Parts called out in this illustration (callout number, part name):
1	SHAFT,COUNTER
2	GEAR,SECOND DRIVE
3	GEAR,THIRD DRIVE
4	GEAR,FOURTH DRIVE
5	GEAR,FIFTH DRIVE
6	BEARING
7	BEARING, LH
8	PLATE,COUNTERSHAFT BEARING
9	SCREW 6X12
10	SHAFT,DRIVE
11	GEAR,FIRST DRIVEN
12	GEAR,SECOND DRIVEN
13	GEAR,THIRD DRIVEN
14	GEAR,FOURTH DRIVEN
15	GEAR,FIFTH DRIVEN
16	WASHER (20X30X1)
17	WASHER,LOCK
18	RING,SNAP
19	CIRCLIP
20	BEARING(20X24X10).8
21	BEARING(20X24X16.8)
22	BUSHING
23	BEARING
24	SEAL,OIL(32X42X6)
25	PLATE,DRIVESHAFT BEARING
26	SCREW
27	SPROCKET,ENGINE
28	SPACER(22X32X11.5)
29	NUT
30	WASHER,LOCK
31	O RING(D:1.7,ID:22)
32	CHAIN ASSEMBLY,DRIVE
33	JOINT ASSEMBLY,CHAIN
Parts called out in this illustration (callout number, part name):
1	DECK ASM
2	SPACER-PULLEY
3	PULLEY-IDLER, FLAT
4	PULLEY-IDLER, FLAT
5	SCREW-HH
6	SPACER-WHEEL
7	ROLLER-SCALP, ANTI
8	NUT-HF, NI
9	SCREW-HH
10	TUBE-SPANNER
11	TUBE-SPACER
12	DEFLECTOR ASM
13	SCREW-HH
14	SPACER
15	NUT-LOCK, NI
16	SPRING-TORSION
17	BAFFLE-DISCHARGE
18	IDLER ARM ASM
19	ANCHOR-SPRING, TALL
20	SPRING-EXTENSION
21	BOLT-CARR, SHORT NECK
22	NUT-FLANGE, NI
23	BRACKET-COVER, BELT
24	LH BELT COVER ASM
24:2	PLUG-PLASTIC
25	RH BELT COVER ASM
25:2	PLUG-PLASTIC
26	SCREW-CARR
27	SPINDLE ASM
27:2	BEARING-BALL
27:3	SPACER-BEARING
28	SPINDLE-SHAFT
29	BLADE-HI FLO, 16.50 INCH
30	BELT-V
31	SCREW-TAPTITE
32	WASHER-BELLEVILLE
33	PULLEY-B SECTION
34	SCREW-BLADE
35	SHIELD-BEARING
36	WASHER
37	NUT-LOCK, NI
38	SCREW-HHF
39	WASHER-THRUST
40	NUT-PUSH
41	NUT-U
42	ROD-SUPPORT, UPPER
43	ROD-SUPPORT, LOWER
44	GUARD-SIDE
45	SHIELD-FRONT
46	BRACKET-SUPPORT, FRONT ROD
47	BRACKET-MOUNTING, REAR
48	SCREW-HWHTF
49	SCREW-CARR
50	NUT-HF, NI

· · · · · · ·

▸ EXERCISE DIRECTIONS
Give only a number, namely how many lines in the entries above hold the word "LOCK".

▸ WORKED SOLUTION
4